▶ [Problem details]:
In the records that follow, the lines from the one containing "## Footprint XF2H-2115-1LW" to the one containing "smd 1.3 x 0.25: 1", inclusive, are to be given again exactly.

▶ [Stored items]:
________________________

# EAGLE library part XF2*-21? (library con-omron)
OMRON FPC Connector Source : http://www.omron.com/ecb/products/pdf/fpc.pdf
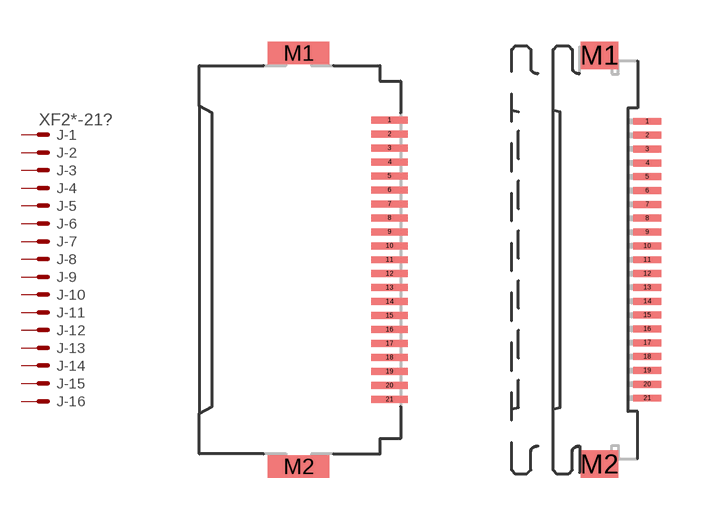
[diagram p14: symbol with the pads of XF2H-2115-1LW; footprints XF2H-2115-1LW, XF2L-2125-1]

Designator prefix J; gates -1=PV -2=P -3=P -4=P -5=P -6=P -7=P -8=P -9=P -10=P -11=P -12=P -13=P -14=P -15=P -16=P -17=P -18=P -19=P -20=P -21=P

## XF2H-2115-1LW (OC_FARNELL: unknown; OC_NEWARK: unknown)  [XF2H-2115-1LW]
1  -1:MSV  pas
2  -2:MS  pas
3  -3:MS  pas
4  -4:MS  pas
5  -5:MS  pas
6  -6:MS  pas
7  -7:MS  pas
8  -8:MS  pas
9  -9:MS  pas
10  -10:MS  pas
11  -11:MS  pas
12  -12:MS  pas
13  -13:MS  pas
14  -14:MS  pas
15  -15:MS  pas
16  -16:MS  pas
17  -17:MS  pas
18  -18:MS  pas
19  -19:MS  pas
20  -20:MS  pas
21  -21:MS  pas

## XF2L-2125-1 (MPN: XF2L-2125-1; OC_FARNELL: unknown; OC_NEWARK: 37M0895)  [XF2L-2125-1]
Pads as for XF2H-2115-1LW

## XF2N-2115-3 (MPN: XF2N-2115-3; OC_FARNELL: unknown; OC_NEWARK: 37M0941)  [XF2N-2115-3]
Pads as for XF2H-2115-1LW

## XF2C-2155-41A (MPN: XF2C-2155-41A; OC_FARNELL: unknown; OC_NEWARK: 78M3583)  [XF2C-2155-41A]
Pads as for XF2H-2115-1LW

## Footprint XF2H-2115-1LW (pad centres in mm)
Standard Rotary Backlock Type (0.5 mm-pitch) Source : http://www.omron.com/ecb/products/pdf/fpc.pdf
smd 1.3 x 0.25: 1 3.175,5; 2 3.175,4.5; 3 3.175,4; 4 3.175,3.5; 5 3.175,3; 6 3.175,2.5; 7 3.175,2; 8 3.175,1.5; 9 3.175,1; 10 3.175,0.5; 11 3.175,0; 12 3.175,-0.5; 13 3.175,-1; 14 3.175,-1.5; 15 3.175,-2; 16 3.175,-2.5; 17 3.175,-3; 18 3.175,-3.5; 19 3.175,-4; 20 3.175,-4.5; 21 3.175,-5
smd 2.2 x 0.8: M1 -0.075,7.4; M2 -0.075,-7.4

## Footprint XF2L-2125-1 (pad centres in mm)
ZIF Slide-locking Type (0.5 mm-pitch) Upper-contact Type Source : http://www.omron.com/ecb/products/pdf/fpc.pdf
smd 1 x 0.25: 1 1.905,5; 2 1.905,4.5; 3 1.905,4; 4 1.905,3.5; 5 1.905,3; 6 1.905,2.5; 7 1.905,2; 8 1.905,1.5; 9 1.905,1; 10 1.905,0.5; 11 1.905,0; 12 1.905,-0.5; 13 1.905,-1; 14 1.905,-1.5; 15 1.905,-2; 16 1.905,-2.5; 17 1.905,-3; 18 1.905,-3.5; 19 1.905,-4; 20 1.905,-4.5; 21 1.905,-5
smd 1.34 x 1: M1 0.18,7.388; M2 0.18,-7.388

## Footprint XF2N-2115-3 (pad centres in mm)
Low-profile Rotary Backlock Type (0.5 mm-pitch) Source : http://www.omron.com/ecb/products/pdf/fpc.pdf
smd 1 x 0.25: 1 2.54,5; 2 2.54,4.5; 3 2.54,4; 4 2.54,3.5; 5 2.54,3; 6 2.54,2.5; 7 2.54,2; 8 2.54,1.5; 9 2.54,1; 10 2.54,0.5; 11 2.54,0; 12 2.54,-0.5; 13 2.54,-1; 14 2.54,-1.5; 15 2.54,-2; 16 2.54,-2.5; 17 2.54,-3; 18 2.54,-3.5; 19 2.54,-4; 20 2.54,-4.5; 21 2.54,-5
smd 1.4 x 1: M1 -0.61,6.4; M2 -0.61,-6.4

## Footprint XF2C-2155-41A (pad centres in mm)
Low-profile Rotary Backlock Type (0.3 mm-pitch) Source : http://www.omron.com/ecb/products/pdf/fpc.pdf
smd 0.6 x 0.26: 1 -1.8,3; 3 -1.8,2.4; 5 -1.8,1.8; 7 -1.8,1.2; 9 -1.8,0.6; 11 -1.8,0; 13 -1.8,-0.6; 15 -1.8,-1.2; 17 -1.8,-1.8; 19 -1.8,-2.4; 21 -1.8,-3
smd 0.9 x 0.25: 2 1.65,2.7; 4 1.65,2.1; 6 1.65,1.5; 8 1.65,0.9; 10 1.65,0.3; 12 1.65,-0.3; 14 1.65,-0.9; 16 1.65,-1.5; 18 1.65,-2.1; 20 1.65,-2.7

________________________

▶ [Output for this task]:
## Footprint XF2H-2115-1LW (pad centres in mm)
Standard Rotary Backlock Type (0.5 mm-pitch) Source : http://www.omron.com/ecb/products/pdf/fpc.pdf
smd 1.3 x 0.25: 1 3.175,5; 2 3.175,4.5; 3 3.175,4; 4 3.175,3.5; 5 3.175,3; 6 3.175,2.5; 7 3.175,2; 8 3.175,1.5; 9 3.175,1; 10 3.175,0.5; 11 3.175,0; 12 3.175,-0.5; 13 3.175,-1; 14 3.175,-1.5; 15 3.175,-2; 16 3.175,-2.5; 17 3.175,-3; 18 3.175,-3.5; 19 3.175,-4; 20 3.175,-4.5; 21 3.175,-5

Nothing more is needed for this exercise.